It’s two years to the day since you passed. Right now I’m on my way to the National Cupcake Finals at Birmingham NEC to submit my entry. Criticising everything I have done.
Another nightmare right before submission means I’m feeling like going home not going to the finals.
I’ve had a little cry to myself, it’s more than just falling at the final hurdle, it’s what this day means.
Three years ago we had only just accepted the diagnosis. Not accepted, not really, not ever, not even now.
If you had stayed I don’t know if I’d be where I am now. Does that comfort me? Not really. Everything happens for a reason though, yes?
I’ve told, retold, and re-retold my ‘story’ and maybe today will be an additional chapter.
After loosing my nana to pancreatic cancer two years ago today I decided to sign up to the Cancer Research Race for Life. To increase the amount of donations to my sponsorship I began baking cupcakes and selling 6 for £5. It was such a success I managed to doubled my sponsorship and had such good feedback I decided to make baking a job. I got myself a job at a local bakery on the ‘patisserie finish’ section, filling eclairs, putting pavlovas together & piping custard! After a few weeks I was told about the National Cupcake Competition and decided to enter. I spent months developing a mulled wine cupcake and getting everyone I knew to try them! By the time National Cupcake week cake around I had pretty much forgotten about it and hadn’t felt too confident about getting through, so when I was on my break at work and the email came with the list of finalists and I saw my name I was unbelievably shocked!
Last year I was convinced I had messed up my chance at winning, the day before the competition I made three lots of my Mulled wine cupcakes because it all kept going terribly! I still wasn’t satisfied when time was up and I have to leave to get to Birmingham! I didn’t even think it was worth going but I set off with my friend and arrived late at night at my cousins who was putting us up for the night. In the morning I decorated the cupcakes, still feeling pessimistic and delivered then to the NEC. The day dragged to say the least, I felt sick with nerves! I wanted to win so much but I thought all hope had gone out the window!

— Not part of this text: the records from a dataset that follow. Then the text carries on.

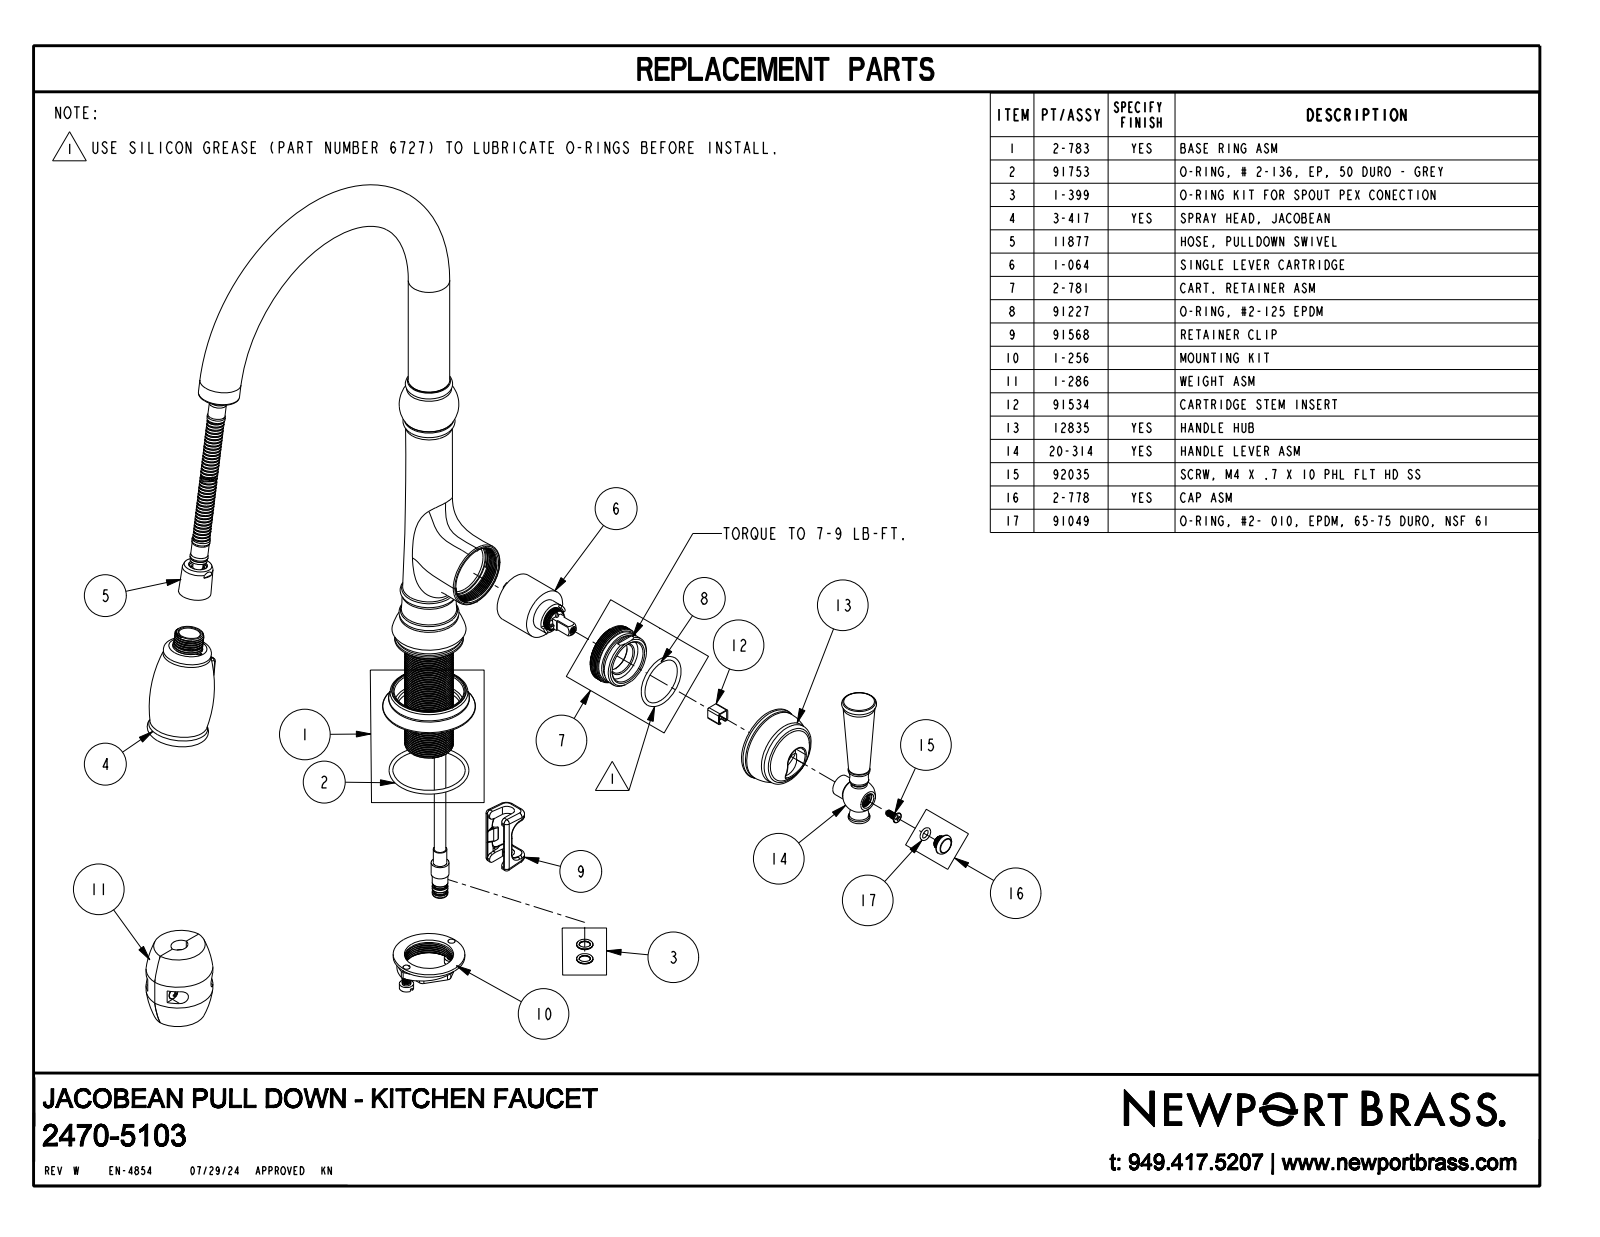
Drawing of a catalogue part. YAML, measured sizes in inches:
part_name: "2470-5103"
step_written_by: "CREO PARAMETRIC BY PTC INC, 2018400 (CONFIG_CONTROL_DESIGN)"
units: inches
bodies: {solids: 1, faces: 363, planar: 62, cylindrical: 32, other: 269}
overall_size: [16.935, 10.674, 4.909]
volume: 44.5
surface_area: 147.1
round_holes:
  - {diameter: 0.563, count: 1}
  - {diameter: 1.242, count: 1}
round_bosses_or_shafts:
  - {diameter: 2.02, count: 1}
  - {diameter: 1.228, count: 1}
  - {diameter: 1.124, count: 1}
  - {diameter: 1.12, count: 1}
  - {diameter: 0.595, count: 1}
  - {diameter: 0.56, count: 1}
  - {diameter: 0.45, count: 1}
partial_cylinders:
  - {radius: 0.059, count: 4}
  - {radius: 0.08, count: 4}
  - {radius: 0.098, count: 2}
  - {radius: 0.12, count: 2}
  - {radius: 0.337, count: 2}
face_to_face_distances: [0.04, 0.033, 0.795, 2.724, 2.718, 2.684, 0.675, 7.653, 0.041, 0.047]
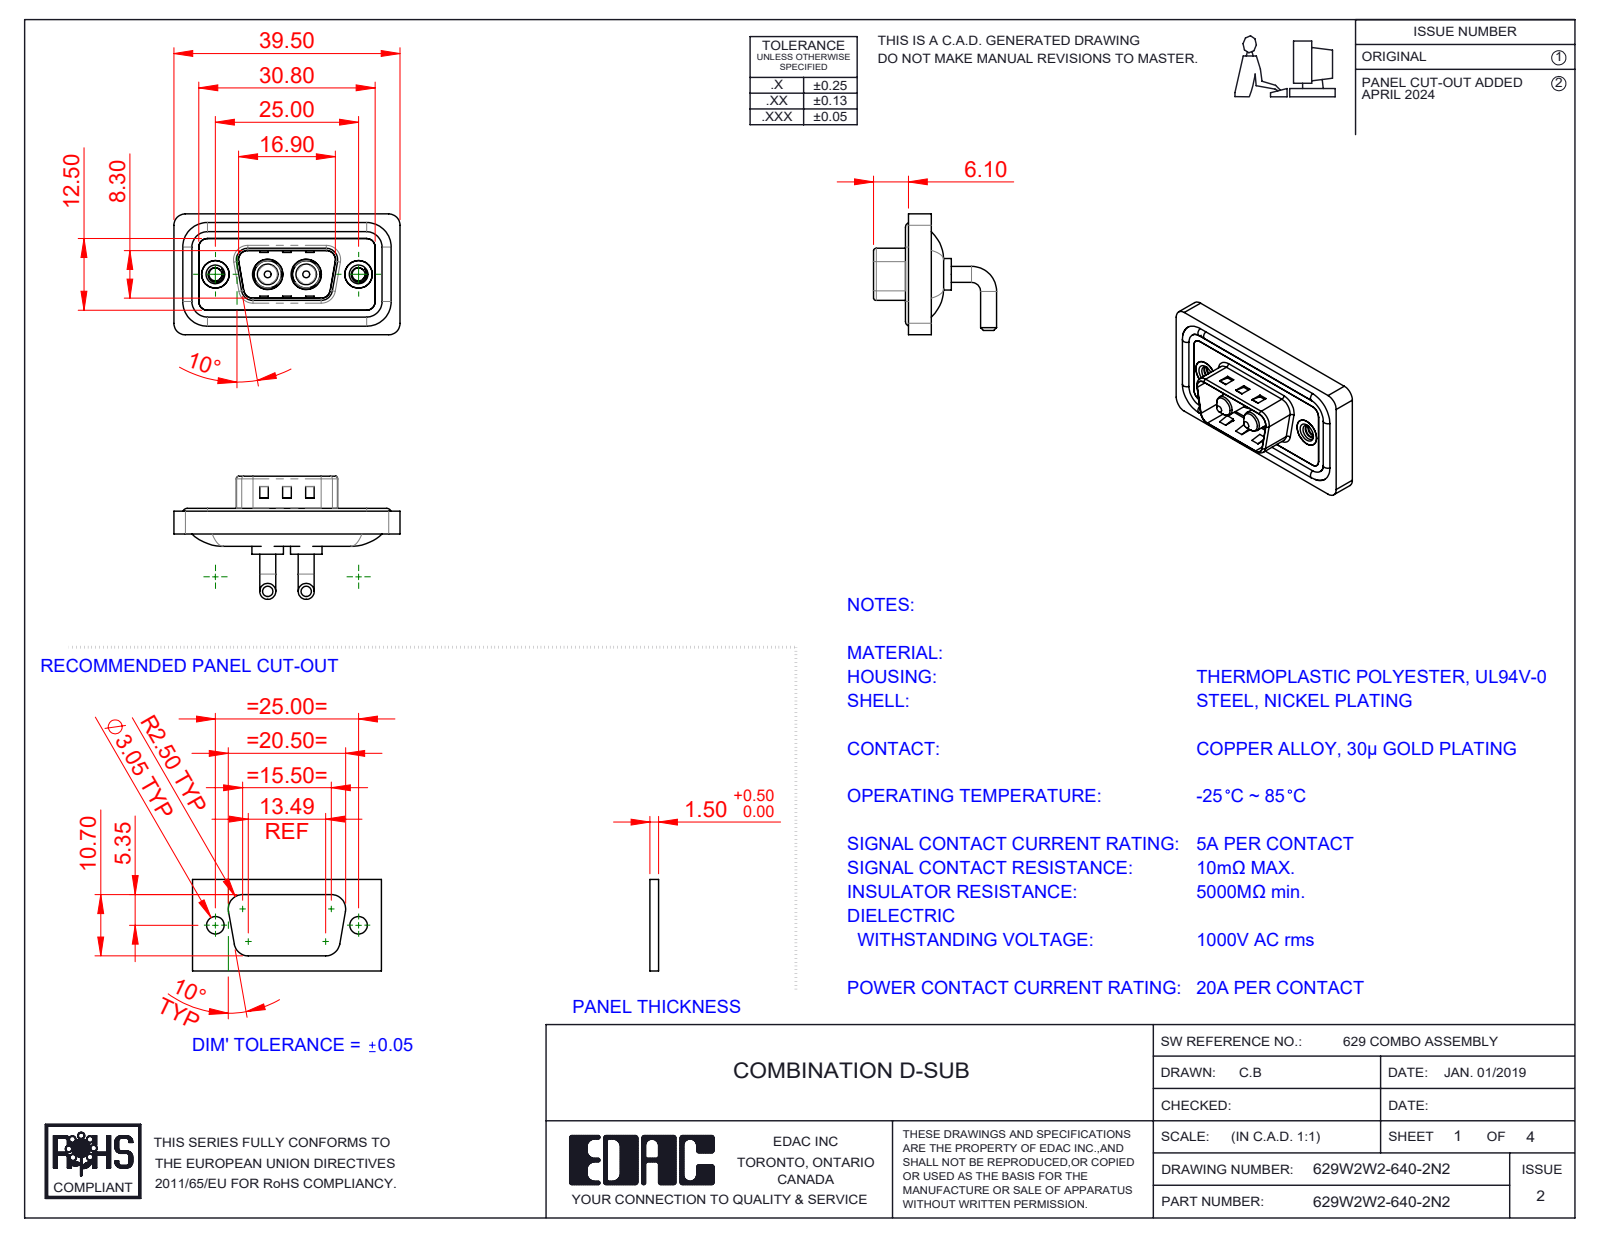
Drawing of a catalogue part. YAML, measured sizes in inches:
part_name: "Power Pin_20A RA; 629Combo Shell Rear_09 Contacts; 629Combo Threaded Rivet_2; 629Combo Housing_2W2 (+3 more)"
step_written_by: "SolidWorks 2023 (CONFIG_CONTROL_DESIGN)"
units: inches
bodies: {solids: 11, faces: 497, planar: 165, cylindrical: 222, other: 110}
overall_size: [1.555, 0.846, 0.831]
volume: 0.28
surface_area: 11.11
round_holes:
  - {diameter: 0.089, count: 2}
  - {diameter: 0.157, count: 2}
  - {diameter: 0.189, count: 2}
  - {diameter: 0.191, count: 2}
  - {diameter: 0.197, count: 2}
  - {diameter: 0.209, count: 2}
round_bosses_or_shafts:
  - {diameter: 0.11, count: 4}
  - {diameter: 0.063, count: 4}
  - {diameter: 0.217, count: 2}
  - {diameter: 0.205, count: 2}
  - {diameter: 0.193, count: 2}
  - {diameter: 0.187, count: 2}
  - {diameter: 0.148, count: 2}
  - {diameter: 0.142, count: 2}
partial_cylinders:
  - {radius: 0.059, count: 18}
  - {radius: 0.079, count: 18}
  - {radius: 0.02, count: 8}
  - {radius: 0.063, count: 8}
  - {radius: 0.01, count: 4}
  - {radius: 0.024, count: 4}
  - {radius: 0.026, count: 4}
  - {radius: 0.035, count: 4}
face_to_face_distances: [0.016, 0.114, 0.043, 0.031, 0.083, 0.098, 0.122, 0.063, 0.177, 0.059]
hole_center_spacings: [0.36, 0.624, 0.265, 0.984]
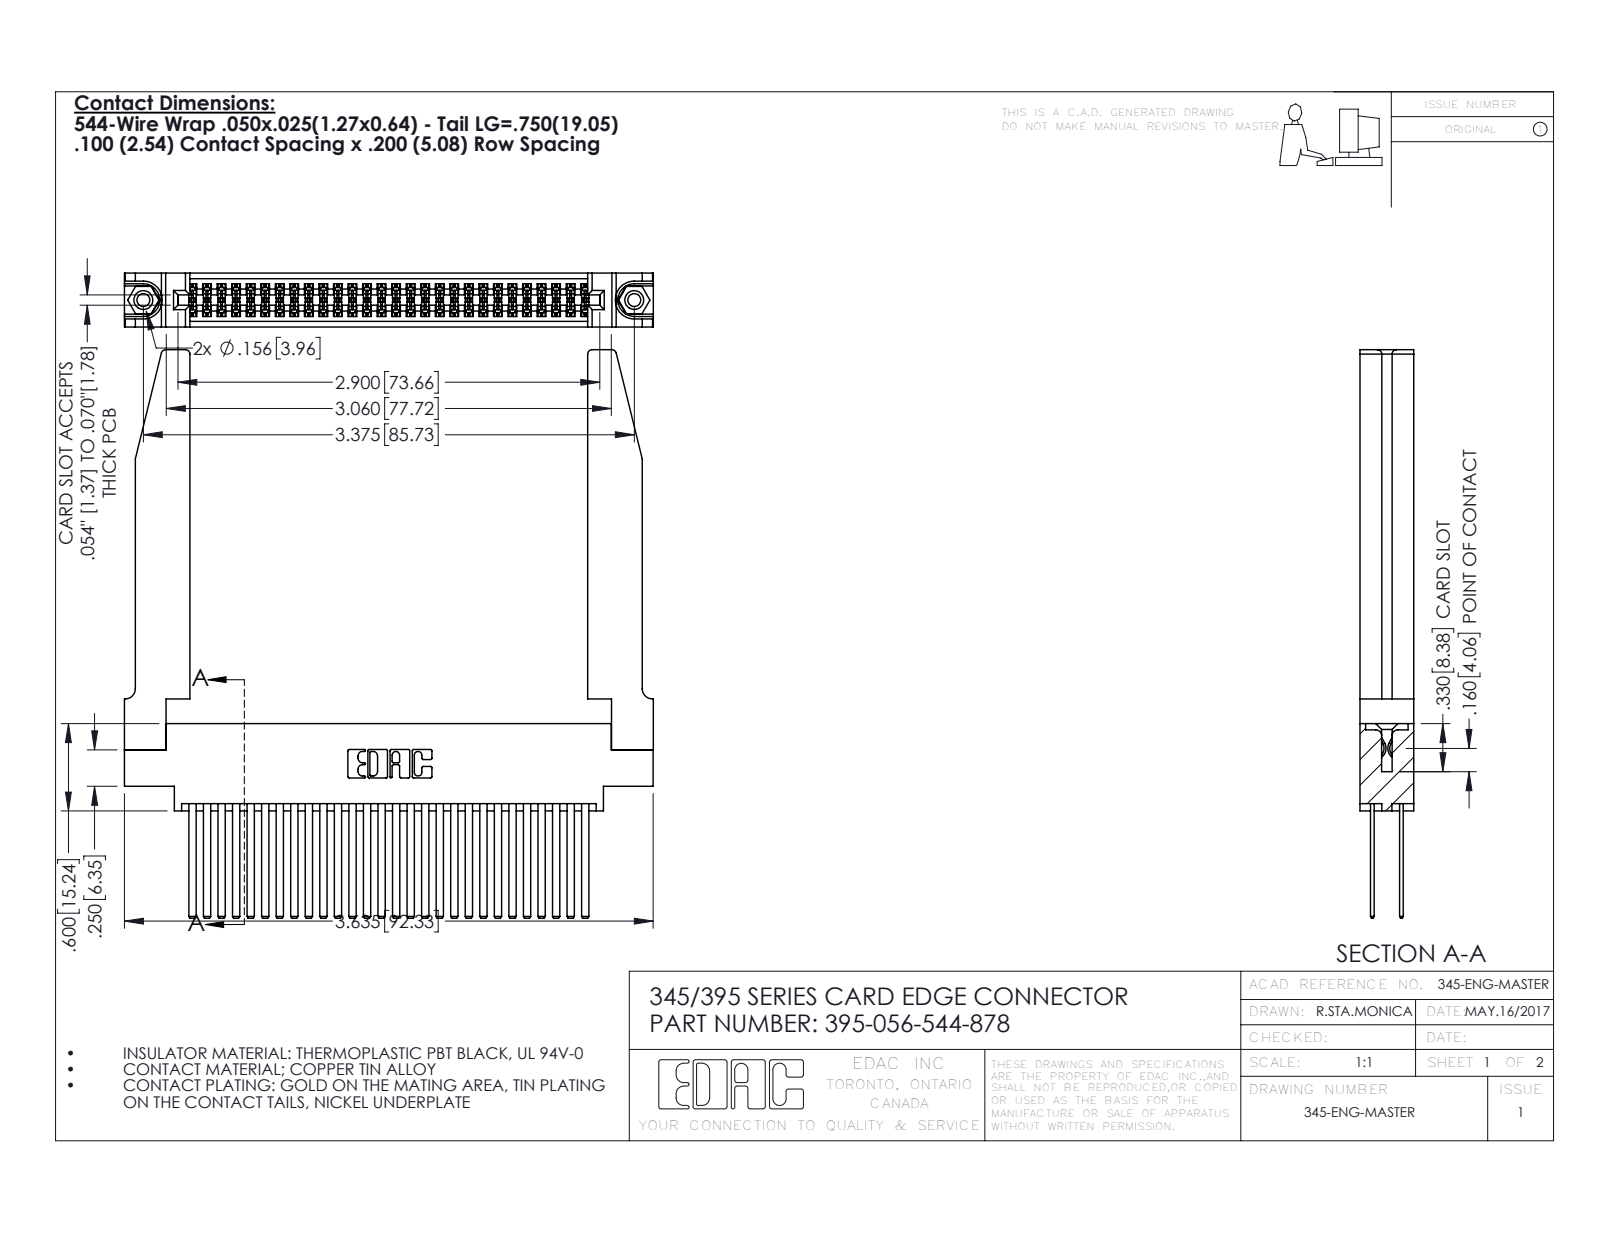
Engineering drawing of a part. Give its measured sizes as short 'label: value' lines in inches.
name: 345-220-078_345-220-078; 345 Part_0.170 Offset - 0.156 Dia-TH; 345-292-001_345-293-144; 395-056-544-878 (+1 more)
written by: SolidWorks 2016 (CONFIG_CONTROL_DESIGN)
unit: in
bodies: 61 solids, 2828 faces (1850 planar, 926 cylindrical, 52 other)
size: 3.907 × 3.636 × 0.37
volume: 1.055 in³; area: 35.76 in²
holes: 2× ⌀0.089, 2× ⌀0.125, 2× ⌀0.156, 1× ⌀0.064
bosses: 2× ⌀0.155
rounds: 84× R0.006, 22× R0.01, 8× R0.03, 6× R0.007, 6× R0.031, 3× R0.026, 2× R0.014, 2× R0.019
face distances: 0.072, 0.298, 0.37, 0.098, 0.272, 0.025, 0.2, 0.225, 0.175, 0.148
hole spacings: 0.27, 3.14, 3.375
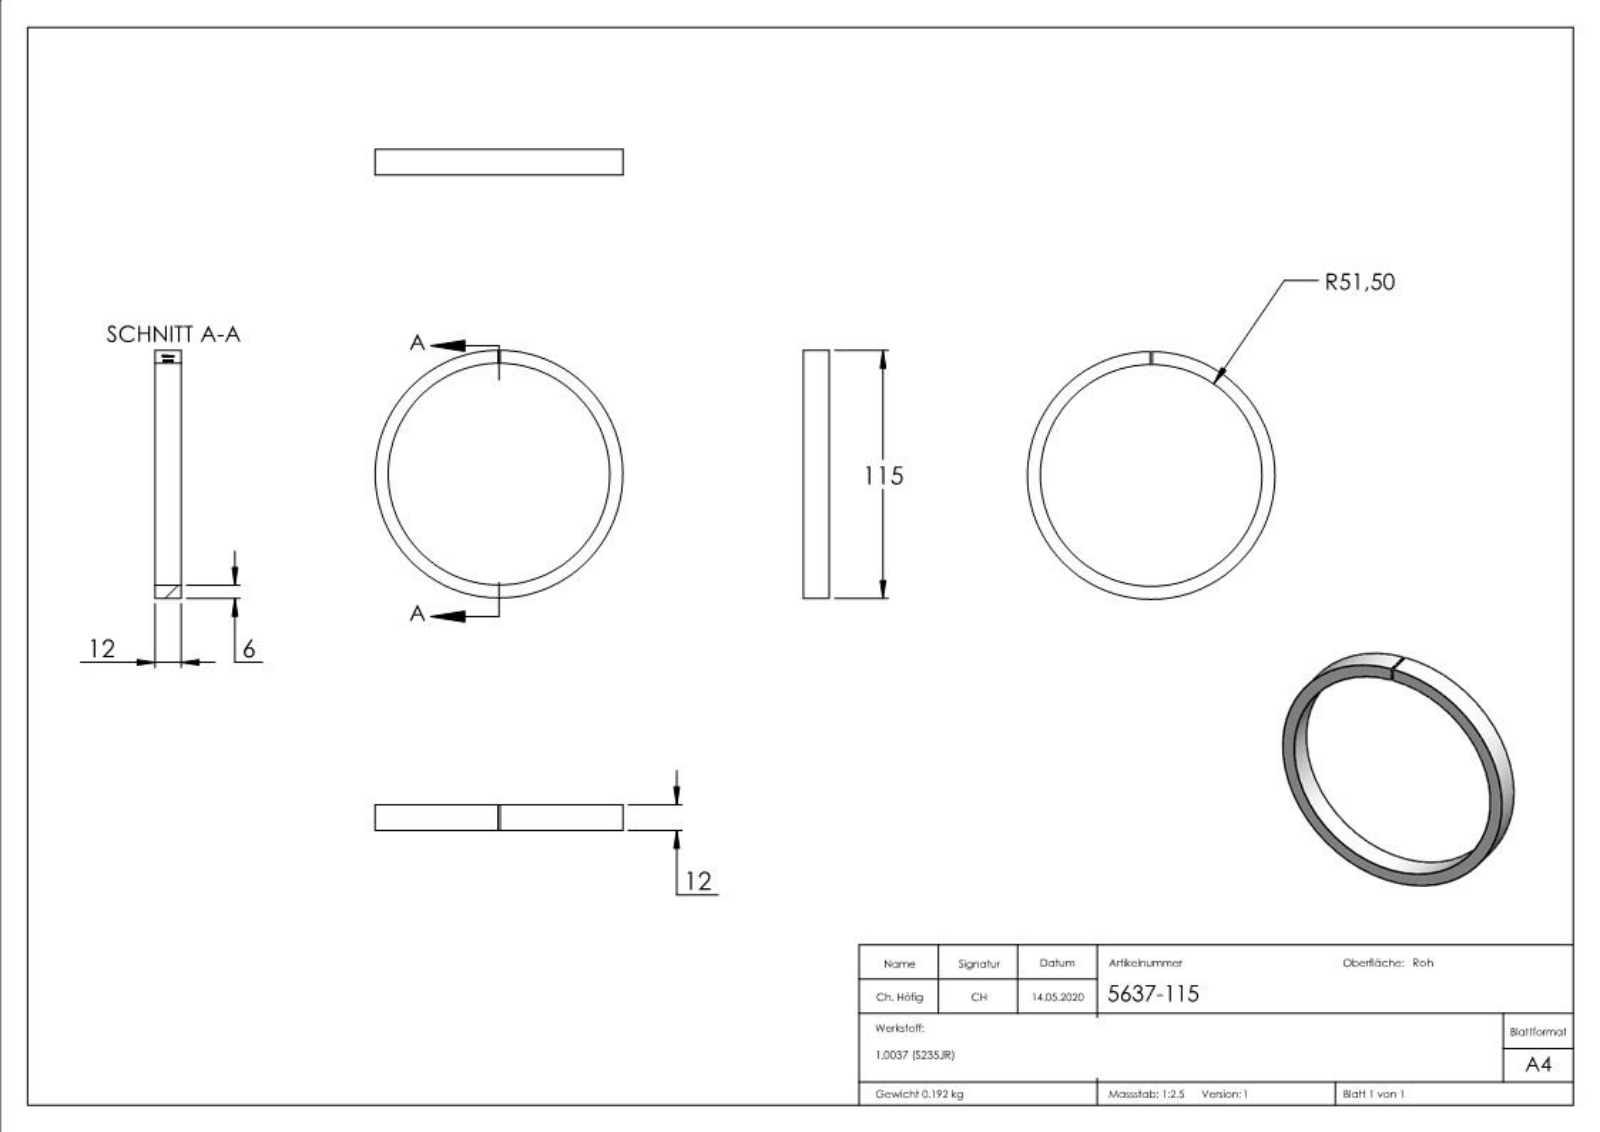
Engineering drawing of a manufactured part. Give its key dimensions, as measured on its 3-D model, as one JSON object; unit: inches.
{"part_name": "5637-115", "step_written_by": "SolidWorks 2015 (CONFIG_CONTROL_DESIGN)", "units": "inches", "bodies": {"solids": 1, "faces": 207, "planar": 118, "cylindrical": 2, "other": 87}, "overall_size": [4.528, 4.528, 0.472], "volume_in3": 1.5, "surface_area_in2": 19.28, "round_holes": [[4.055, 1]], "round_bosses_or_shafts": [[4.528, 1]], "face_to_face_distances": [0.472, 0.039, 0.043, 0.07, 0.033, 0.083, 0.078, 0.109, 0.048, 0.131]}

We passed the time taking a look at all the decorated cakes, wondering the cake stalls and having a few drinks, the winners were to be announced at 3.30 and so at 2.30 we went to the presentation area and watched one of the demonstrations. When it got to 3.15 the organisers called all competitors together and sat us in the front few seats. I was fidgety and I imagine I looked like I was going to be sick because I certainly felt that way! They began the announcements of the winners with the homebakers, first classic cupcake, then free from, made with alcohol and finally themed. There was a highly commended and a winner from each category. I was genuinely pleased for everyone who’s name was called, when I didn’t hear mine for highly commended (which I thought was the best I could do with the nightmare id had) my emotions dropped to disappointment, so much so that as they said ‘Lauren Jenkinson with a Mulled Wine cupcake’ it took me a few seconds to register. The applause had already started and I turned to the guy next to me and I remember as if it was yesterday I said ‘oh my god, that’s me!’. My legs were like jelly they could barely carry me to collect my trophy and have my picture taken next to Mary Berry and last years overall winner!
Instead of going back to my chair I went straight to my friend, half crying, half in shock, shaking and smiling! I noticed the winner of the classic cupcake from the professionals was the guy who I had been sat next to, Martin Hargreaves (he’s a finalist again this year). After all announcement we were called together for a group photo and I got chance to speak to one judge who congratulated me on my recipe and innovation! He mentioned how Great British Bake Off winner and another judge for the competition John Whaite had been really impressed and loved the cupcake! I was overjoyed and overwhelmed!
When my cousin came to get us I pretended to be a bit gutted, we got in her car and she said ‘I guess you didn’t win’ at which point I pulled out the trophy! She scolded me for having been so negative and told me to have more faith in myself which I definitely have tried to do!
Since then all I’ve thought about was the National Cupcake Competition 2014. I started working on a few different ideas in December and entered into the professionals with a classic cupcake that didn’t quite make it and a Gluten and Dairy free Brandy Passion Truffle (with passionfruit curd and dairy free cream) which made it to the finals and I’m about to deliver to the judges!
I could still hope I’ve done everything within my skills to win. I know the competition is much harder this year because I’m entered as a professional even though I only do these experiments at home. I know I’m up agains professionals with their own businesses and who’ve been making cakes for years so again I’m not feeling too confident! This year I’m going to make the most out of the event and try not to focus on the competition!
I’ve got more to be thankful for and focus on even if I don’t win. I’m in the process of setting up a baking workshop with a homeless shelter in Manchester (The Mustard Tree Foundation) which I’m unbelievably excited about and I’m going to start selling cakes from home when our new kitchen gets in!
I love and miss my nana more and more each day and it doesn’t get any easier but because of her I’m where I am today.
It’s definitely an exciting time at the moment and I couldn’t be much happier!